Data excerpts
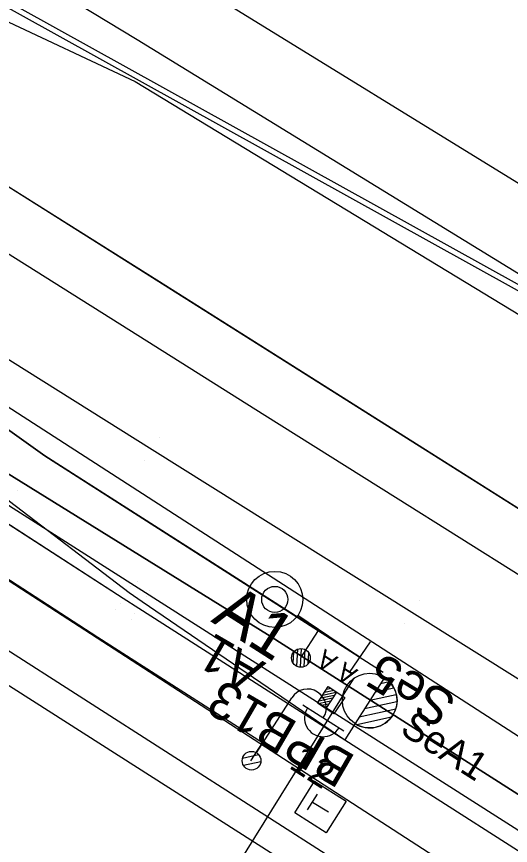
# Model space of a CAD drawing. Extents: x -621145 to -620023, y -1122866 to -1121971.
# Drawn here: x -620754.88 to -620728.46, y -1122419.37 to -1122375.04 of the extents above; entities that cross this region are included whole.
import ezdxf

# ---------------------------------------------------------------- set-up
doc = ezdxf.new("R2010")
doc.units = 0
for name, color, linetype in [('060601_EOV', 7, 'Continuous'), ('060604_ROZVODY_SEE', 7, 'Continuous'), ('CETIN', 7, 'Continuous'), ('Level 10', 7, 'Continuous'), ('PS 06-14-01_trasa_sdělovací_nové', 7, 'Continuous'), ('SEE', 7, 'Continuous'), ('SSZT', 7, 'Continuous'), ('SSZT-DK', 7, 'Continuous'), ('UZEMNĚNÍ', 7, 'Continuous'), ('Vrstva 1', 7, 'Continuous'), ('Vrstva 2', 7, 'Continuous'), ('Vrstva 25', 7, 'Continuous'), ('Vrstva 3', 7, 'Continuous'), ('Vrstva 53', 7, 'Continuous'), ('Vrstva 55', 7, 'Continuous'), ('Vrstva 56', 7, 'Continuous'), ('Vrstva 6', 7, 'Continuous'), ('Vrstva 62', 7, 'Continuous'), ('ČD-T', 7, 'Continuous')]:
    doc.layers.add(name, color=color, linetype=linetype)

# ---------------------------------------------------------------- blocks, each defined once
blk = doc.blocks.new('C535')
at = {"layer": 'Level 10'}
for p, q in [((-0.05, 0.05), (0.05, 0.05)), ((0, 0.05), (0, -0.05))]:
    blk.add_line(p, q, dxfattribs=at)
blk.add_lwpolyline([(-0.1, 0.1), (0.1, 0.1), (0.1, -0.1), (-0.1, -0.1), (-0.1, 0.1)], dxfattribs=at)

msp = doc.modelspace()

# ---------------------------------------------------------------- linework, layer by layer
at = {"layer": '060601_EOV'}
msp.add_lwpolyline([(-620538.89, -1122521.208), (-620599.215, -1122483.216), (-620683.524, -1122429.444), (-620756.33, -1122383.523), (-620765.796, -1122398.395), (-620784.65, -1122386.386), (-620822.218, -1122362.419), (-620817.53, -1122355.085), (-620826.407, -1122348.082), (-620839.916, -1122337.943), (-620848.842, -1122331.997), (-620848.834, -1122331.986)], dxfattribs=at)
at = {"layer": '060604_ROZVODY_SEE'}
for points in [[(-620742.353, -1122414.851), (-620741.729, -1122413.876), (-620750.529, -1122408.246), (-620763.558, -1122399.82), (-620784.65, -1122386.386), (-620822.218, -1122362.419), (-620817.53, -1122355.085), (-620826.407, -1122348.082), (-620839.916, -1122337.943), (-620854.567, -1122328.184), (-620868.06, -1122319.694), (-620885.37, -1122308.815), (-620912.868, -1122291.527), (-620913.325, -1122292.255)], [(-620443.525, -1122595.005), (-620456.111, -1122587.123), (-620447.823, -1122572.959), (-620450.948, -1122571.455), (-620470.592, -1122561.479), (-620499.61, -1122545.574), (-620522.038, -1122531.471), (-620538.89, -1122521.208), (-620599.215, -1122483.216), (-620683.524, -1122429.444), (-620756.33, -1122383.523), (-620765.796, -1122398.395)]]:
    msp.add_lwpolyline(points, dxfattribs=at)
at = {"layer": 'CETIN'}
msp.add_lwpolyline([(-620926.411, -1122268.704), (-620748.436, -1122376.269), (-620484.52, -1122538.147)], dxfattribs=at)
at = {"layer": 'PS 06-14-01_trasa_sdělovací_nové'}
msp.add_lwpolyline([(-620538.89, -1122521.208), (-620538.89, -1122521.208), (-620599.215, -1122483.216), (-620683.524, -1122429.444), (-620756.33, -1122383.523), (-620761.979, -1122392.397), (-620753.366, -1122398.538), (-620735.257, -1122410.106), (-620735.257, -1122410.106)], dxfattribs=at)
at = {"layer": 'SEE'}
msp.add_lwpolyline([(-620545.407, -1122539.454), (-620611.375, -1122497.696), (-620665.569, -1122462.755), (-620686.035, -1122449.829), (-620727.537, -1122423.183), (-620794.508, -1122379.862), (-620815.52, -1122356.954), (-620832.168, -1122344.663), (-620847.808, -1122332.592), (-620908.257, -1122294.686)], dxfattribs=at)
at = {"layer": 'SSZT'}
msp.add_lwpolyline([(-620879.238, -1122313.316), (-620842.993, -1122336.61), (-620835.049, -1122343.251), (-620812.66, -1122358.949), (-620764.902, -1122389.752), (-620688.594, -1122438.969), (-620596.981, -1122496.725), (-620576.744, -1122509.484), (-620506.746, -1122556.123), (-620447.293, -1122593.619), (-620363.271, -1122647.563), (-620313.966, -1122679.218), (-620306.51, -1122669.289), (-620273.137, -1122696.274), (-620258.422, -1122709.142), (-620248.072, -1122696.094)], dxfattribs=at)
at = {"layer": 'SSZT-DK'}
msp.add_lwpolyline([(-620927.288, -1122269.995), (-620900.269, -1122286.467), (-620889.147, -1122293.455), (-620783.743, -1122358.818), (-620712.751, -1122398.176), (-620653.117, -1122435.232), (-620617.363, -1122456.738), (-620574.425, -1122482.604)], dxfattribs=at)
at = {"layer": 'UZEMNĚNÍ'}
msp.add_lwpolyline([(-620742.353, -1122414.851), (-620741.729, -1122413.876), (-620750.529, -1122408.246), (-620763.558, -1122399.82), (-620784.65, -1122386.386), (-620822.218, -1122362.419), (-620817.53, -1122355.085), (-620826.407, -1122348.082), (-620838.671, -1122338.878), (-620840.227, -1122340.951)], dxfattribs=at)
at = {"layer": 'Vrstva 1'}
for p in [(-620739.666, -1122409.343), (-620736.513, -1122409.303)]:
    msp.add_line(p, (-620738.733, -1122407.885), dxfattribs=at)
for points in [[(-620851.644, -1122327.076), (-620840.376, -1122334.591), (-620831.192, -1122341.263), (-620824.896, -1122346.12), (-620811.348, -1122356.777), (-620800.849, -1122364.554), (-620800.095, -1122365.072), (-620796.174, -1122367.693), (-620795.017, -1122368.443), (-620786.31, -1122373.928), (-620764.415, -1122387.671), (-620747.632, -1122398.188), (-620733.731, -1122406.893), (-620718.349, -1122416.524), (-620703.006, -1122426.145), (-620686.977, -1122436.203), (-620670.849, -1122446.339), (-620652.243, -1122458.025), (-620632.992, -1122470.125), (-620616.992, -1122480.169), (-620599.707, -1122491.044), (-620582.331, -1122501.971), (-620566.971, -1122511.728)], [(-620851.644, -1122327.076), (-620843.142, -1122332.434), (-620837.627, -1122335.918), (-620832.116, -1122339.39), (-620828.016, -1122341.966), (-620823.788, -1122344.633), (-620816.971, -1122348.943), (-620810.355, -1122353.089), (-620803.86, -1122357.181), (-620803.36, -1122357.495), (-620800.131, -1122359.525), (-620798.65, -1122360.458), (-620794.421, -1122363.123), (-620788.102, -1122367.105), (-620781.123, -1122371.499), (-620774.168, -1122375.876), (-620767.514, -1122380.058), (-620763.223, -1122382.761), (-620756.392, -1122387.049), (-620748.87, -1122391.776), (-620741.59, -1122396.353), (-620734.607, -1122400.749), (-620727.792, -1122405.031)], [(-620811.348, -1122356.777), (-620801.076, -1122364.818), (-620794.028, -1122370.353), (-620788.085, -1122375.002), (-620768.881, -1122390.097), (-620768.433, -1122390.449), (-620761.754, -1122395.699), (-620755.252, -1122400.953), (-620748.862, -1122405.846), (-620748.158, -1122406.325), (-620737.324, -1122413.726), (-620723.134, -1122422.771)], [(-620807.154, -1122369.064), (-620804.382, -1122370.836), (-620783.306, -1122384.278), (-620762.208, -1122397.716), (-620749.177, -1122406.143), (-620748.333, -1122406.684), (-620737.324, -1122413.726)], [(-620781.123, -1122371.499), (-620774.168, -1122375.876), (-620767.514, -1122380.058), (-620763.223, -1122382.761), (-620756.392, -1122387.049), (-620748.87, -1122391.776), (-620741.59, -1122396.353), (-620734.607, -1122400.749), (-620727.792, -1122405.031)], [(-620538.89, -1122521.208), (-620599.215, -1122483.216), (-620683.524, -1122429.444), (-620747.38, -1122389.133), (-620756.33, -1122383.523)], [(-620738.733, -1122407.885), (-620753.366, -1122398.538), (-620761.979, -1122392.397)]]:
    msp.add_lwpolyline(points, dxfattribs=at)
at = {"layer": 'Vrstva 2'}
for p, q in [((-620739.823, -1122407.057), (-620736.513, -1122409.303)), ((-620739.693, -1122409.842), (-620739.639, -1122408.846)), ((-620737.075, -1122410.131), (-620735.952, -1122408.476)), ((-620740.081, -1122409.618), (-620740.049, -1122409.025)), ((-620739.89, -1122409.788), (-620739.84, -1122408.876)), ((-620739.491, -1122409.81), (-620739.441, -1122408.897)), ((-620739.282, -1122409.662), (-620739.25, -1122409.068)), ((-620735.198, -1122410.39), (-620736.771, -1122412.858)), ((-620735.404, -1122410.709), (-620734.938, -1122410.606)), ((-620737.89, -1122411.082), (-620738.403, -1122411.189)), ((-620738.046, -1122410.98), (-620738.301, -1122411.033)), ((-620735.689, -1122411.157), (-620734.698, -1122410.938)), ((-620737.981, -1122411.503), (-620738.708, -1122411.655)), ((-620737.879, -1122411.347), (-620738.606, -1122411.499)), ((-620737.778, -1122411.192), (-620738.505, -1122411.344)), ((-620735.974, -1122411.604), (-620734.564, -1122411.292)), ((-620738.083, -1122411.658), (-620738.723, -1122411.792)), ((-620738.185, -1122411.813), (-620738.568, -1122411.893)), ((-620738.286, -1122411.969), (-620738.412, -1122411.995)), ((-620736.26, -1122412.051), (-620734.526, -1122411.667)), ((-620736.545, -1122412.498), (-620734.594, -1122412.066)), ((-620736.771, -1122412.858), (-620737.324, -1122413.726)), ((-620736.674, -1122412.911), (-620734.82, -1122412.501))]:
    msp.add_line(p, q, dxfattribs=at)
for points in [[(-620761.754, -1122395.699), (-620755.252, -1122400.953), (-620748.862, -1122405.846), (-620748.158, -1122406.325), (-620737.324, -1122413.726)], [(-620762.208, -1122397.716), (-620755.9, -1122401.819), (-620749.177, -1122406.143), (-620748.333, -1122406.684), (-620737.324, -1122413.726)]]:
    msp.add_lwpolyline(points, dxfattribs=at)
for points in [[(-620738.336, -1122412.045), (-620738.775, -1122411.757), (-620738.2, -1122410.879), (-620737.761, -1122411.167)], [(-620738.336, -1122412.045), (-620738.775, -1122411.757), (-620738.2, -1122410.879), (-620737.761, -1122411.167)], [(-620737.897, -1122412.333), (-620738.775, -1122411.757), (-620738.2, -1122410.879), (-620737.322, -1122411.454)]]:
    msp.add_lwpolyline(points, close=True, dxfattribs=at)
for centre, radius in [((-620741.065, -1122406.215), 1.5), ((-620741.065, -1122406.215), 0.7), ((-620739.666, -1122409.343), 0.5), ((-620735.984, -1122411.624), 1.464)]:
    msp.add_circle(centre, radius, dxfattribs=at)
msp.add_arc((-620735.985, -1122411.624), 1.463, 237.5048, 57.4657, dxfattribs=at)
at = {"layer": 'Vrstva 25'}
for p, q in [((-620742.039, -1122414.418), (-620740.153, -1122411.469)), ((-620739.563, -1122411.847), (-620737.373, -1122413.248)), ((-620742.789, -1122414.704), (-620741.93, -1122414.516)), ((-620742.745, -1122415.078), (-620741.81, -1122414.873))]:
    msp.add_line(p, q, dxfattribs=at)
msp.add_circle((-620742.308, -1122414.839), 0.5, dxfattribs=at)
for centre, start, end in [((-620739.31, -1122412.008), 327.3946, 147.3946), ((-620738.474, -1122412.557), 146.6921, 328.0972)]:
    msp.add_arc(centre, 1, start, end, dxfattribs=at)
at = {"layer": 'Vrstva 53'}
for p, q in [((-620741.46, -1122408.09), (-620821.12, -1122358.76)), ((-620768.63, -1122369.09), (-620748.53, -1122378.52)), ((-620748.53, -1122378.52), (-620702.13, -1122406.7)), ((-620679.51, -1122447.56), (-620741.46, -1122408.09))]:
    msp.add_line(p, q, dxfattribs=at)
at = {"layer": 'Vrstva 55'}
for p, q in [((-620866.03, -1122298.98), (-620688.16, -1122408.5)), ((-620821.12, -1122358.76), (-620741.46, -1122408.09)), ((-620684.91, -1122455.63), (-620825.92, -1122365.89)), ((-620645.72, -1122471.03), (-620807.67, -1122367.84)), ((-620768.63, -1122369.09), (-620748.53, -1122378.52)), ((-620748.53, -1122378.52), (-620702.13, -1122406.7)), ((-620741.46, -1122408.09), (-620679.51, -1122447.56))]:
    msp.add_line(p, q, dxfattribs=at)
at = {"layer": 'Vrstva 56'}
msp.add_line((-620810.36, -1122373.73), (-620648.08, -1122477.56), dxfattribs=at)
at = {"layer": 'Vrstva 6'}
for p, q in [((-620736.841, -1122410.421), (-620737.379, -1122411.265)), ((-620737.11, -1122410.843), (-620751.294, -1122433.601))]:
    msp.add_line(p, q, dxfattribs=at)
at = {"layer": 'Vrstva 62'}
for p, q in [((-620747.244, -1122397.576), (-620747.244, -1122397.576)), ((-620748.021, -1122398.8), (-620748.021, -1122398.8)), ((-620754.809, -1122400.37), (-620754.809, -1122400.37)), ((-620748.417, -1122405.264), (-620748.417, -1122405.264)), ((-620748.789, -1122405.538), (-620748.789, -1122405.538)), ((-620747.772, -1122405.758), (-620747.772, -1122405.758)), ((-620747.946, -1122406.078), (-620747.946, -1122406.078)), ((-620749.321, -1122406.446), (-620749.321, -1122406.446)), ((-620733.329, -1122406.279), (-620733.329, -1122406.279)), ((-620749.565, -1122406.748), (-620749.565, -1122406.748)), ((-620748.582, -1122406.948), (-620748.582, -1122406.948)), ((-620748.721, -1122407.29), (-620748.721, -1122407.29)), ((-620734.133, -1122407.506), (-620734.133, -1122407.506)), ((-620736.939, -1122413.117), (-620736.939, -1122413.117)), ((-620737.709, -1122414.336), (-620737.709, -1122414.336))]:
    msp.add_line(p, q, dxfattribs=at)
at = {"layer": 'ČD-T'}
msp.add_lwpolyline([(-620927.12, -1122269.748), (-620900.082, -1122286.233), (-620888.96, -1122293.22), (-620783.556, -1122358.583), (-620712.564, -1122397.941), (-620652.93, -1122434.998), (-620617.176, -1122456.504), (-620574.237, -1122482.37)], dxfattribs=at)

# ---------------------------------------------------------------- block references
at = {"layer": 'PS 06-14-01_trasa_sdělovací_nové', "xscale": 10, "yscale": 10.000000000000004, "rotation": 57.86154890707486}
msp.add_blockref('C535', (-620738.622, -1122417.316), dxfattribs=at)

# ---------------------------------------------------------------- texts
at = {"layer": 'Vrstva 2'}
msp.add_text('A1', height=2.5, rotation=327.4857, dxfattribs=at).set_placement((-620744.527, -1122407.381))
at = {"layer": 'Vrstva 25'}
msp.add_text('12', height=1.5, rotation=327.3946, dxfattribs=at).set_placement((-620740.366, -1122415.196))
at = {"layer": 'Vrstva 3'}
for s, rotation, p in [('A1', 149.8236, (-620741.5, -1122409.63)), ('Se5', 148.8786, (-620731.224, -1122411.469)), ('BPB13', 149.8236, (-620736.662, -1122414.634))]:
    msp.add_text(s, height=2, rotation=rotation, dxfattribs=at).set_placement(p)
at = {"layer": 'Vrstva 6'}
for s, height, rotation, p in [('A A ', 1, 147.4857, (-620736.572, -1122410)), ('SeA1', 1.5, 327.4857, (-620734.433, -1122413.346))]:
    msp.add_text(s, height=height, rotation=rotation, dxfattribs=at).set_placement(p)

doc.saveas('drawing.dxf')

> **Task directions**
Wherever the string "start" appears in a line above, copy that line.

> **Written answer**
for centre, start, end in [((-620739.31, -1122412.008), 327.3946, 147.3946), ((-620738.474, -1122412.557), 146.6921, 328.0972)]:
    msp.add_arc(centre, 1, start, end, dxfattribs=at)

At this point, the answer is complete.